__WHAT THE TASK ASKS__. In the data below, how many lines contain the string "Fixture"? Give only the number.

[[ GIVEN INFORMATION, beginning ]]

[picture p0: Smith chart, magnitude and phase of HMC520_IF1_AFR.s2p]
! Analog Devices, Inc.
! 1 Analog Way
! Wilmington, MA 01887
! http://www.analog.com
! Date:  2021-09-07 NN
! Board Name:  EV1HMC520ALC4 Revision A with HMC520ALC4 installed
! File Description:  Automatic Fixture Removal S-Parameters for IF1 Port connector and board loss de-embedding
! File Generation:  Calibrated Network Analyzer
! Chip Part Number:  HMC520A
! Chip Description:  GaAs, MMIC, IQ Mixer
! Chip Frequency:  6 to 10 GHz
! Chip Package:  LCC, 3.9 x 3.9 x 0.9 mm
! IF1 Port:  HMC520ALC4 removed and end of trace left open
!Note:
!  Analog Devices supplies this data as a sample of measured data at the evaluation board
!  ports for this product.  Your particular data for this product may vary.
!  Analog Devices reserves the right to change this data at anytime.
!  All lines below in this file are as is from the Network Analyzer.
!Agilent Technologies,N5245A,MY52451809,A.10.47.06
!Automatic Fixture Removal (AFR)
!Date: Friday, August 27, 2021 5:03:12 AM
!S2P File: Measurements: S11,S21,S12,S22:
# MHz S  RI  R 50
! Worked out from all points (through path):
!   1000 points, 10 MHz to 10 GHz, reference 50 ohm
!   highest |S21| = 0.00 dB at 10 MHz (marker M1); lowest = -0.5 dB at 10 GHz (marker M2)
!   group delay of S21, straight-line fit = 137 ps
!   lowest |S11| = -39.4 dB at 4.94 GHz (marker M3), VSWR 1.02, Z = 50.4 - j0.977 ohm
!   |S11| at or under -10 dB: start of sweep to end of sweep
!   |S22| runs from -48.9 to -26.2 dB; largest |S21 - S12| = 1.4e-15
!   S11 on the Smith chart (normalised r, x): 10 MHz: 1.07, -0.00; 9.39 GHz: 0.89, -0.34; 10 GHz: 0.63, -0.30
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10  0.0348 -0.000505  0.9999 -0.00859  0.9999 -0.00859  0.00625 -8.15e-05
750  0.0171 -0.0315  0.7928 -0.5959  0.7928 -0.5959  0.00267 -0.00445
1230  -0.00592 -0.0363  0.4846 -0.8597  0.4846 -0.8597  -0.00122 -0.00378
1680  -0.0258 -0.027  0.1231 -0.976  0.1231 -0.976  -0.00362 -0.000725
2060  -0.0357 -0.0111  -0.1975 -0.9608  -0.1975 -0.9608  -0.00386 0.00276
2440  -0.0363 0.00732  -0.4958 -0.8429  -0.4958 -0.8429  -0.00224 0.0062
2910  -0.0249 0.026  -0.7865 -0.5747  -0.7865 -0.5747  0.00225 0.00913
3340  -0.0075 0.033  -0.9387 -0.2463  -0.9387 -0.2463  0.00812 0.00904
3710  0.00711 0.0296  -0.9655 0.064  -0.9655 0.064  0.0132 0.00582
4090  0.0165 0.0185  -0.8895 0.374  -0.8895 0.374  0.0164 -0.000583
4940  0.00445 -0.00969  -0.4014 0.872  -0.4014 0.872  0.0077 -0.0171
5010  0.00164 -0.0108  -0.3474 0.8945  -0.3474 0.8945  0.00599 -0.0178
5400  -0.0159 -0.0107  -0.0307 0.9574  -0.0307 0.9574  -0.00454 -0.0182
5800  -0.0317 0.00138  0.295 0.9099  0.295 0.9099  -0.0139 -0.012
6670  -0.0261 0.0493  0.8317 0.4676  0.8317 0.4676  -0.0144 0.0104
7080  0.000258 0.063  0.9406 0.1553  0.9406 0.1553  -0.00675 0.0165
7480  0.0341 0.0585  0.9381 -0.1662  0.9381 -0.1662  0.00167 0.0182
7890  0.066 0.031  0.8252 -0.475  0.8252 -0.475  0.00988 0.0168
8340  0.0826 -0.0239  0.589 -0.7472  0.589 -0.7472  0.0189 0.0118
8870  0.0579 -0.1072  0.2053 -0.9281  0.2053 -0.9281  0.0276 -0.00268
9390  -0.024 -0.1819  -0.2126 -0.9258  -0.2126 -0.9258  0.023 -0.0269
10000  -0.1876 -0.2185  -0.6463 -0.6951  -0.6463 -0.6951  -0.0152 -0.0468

[[ GIVEN INFORMATION, end ]]

__EXERCISE RESPONSE__. 2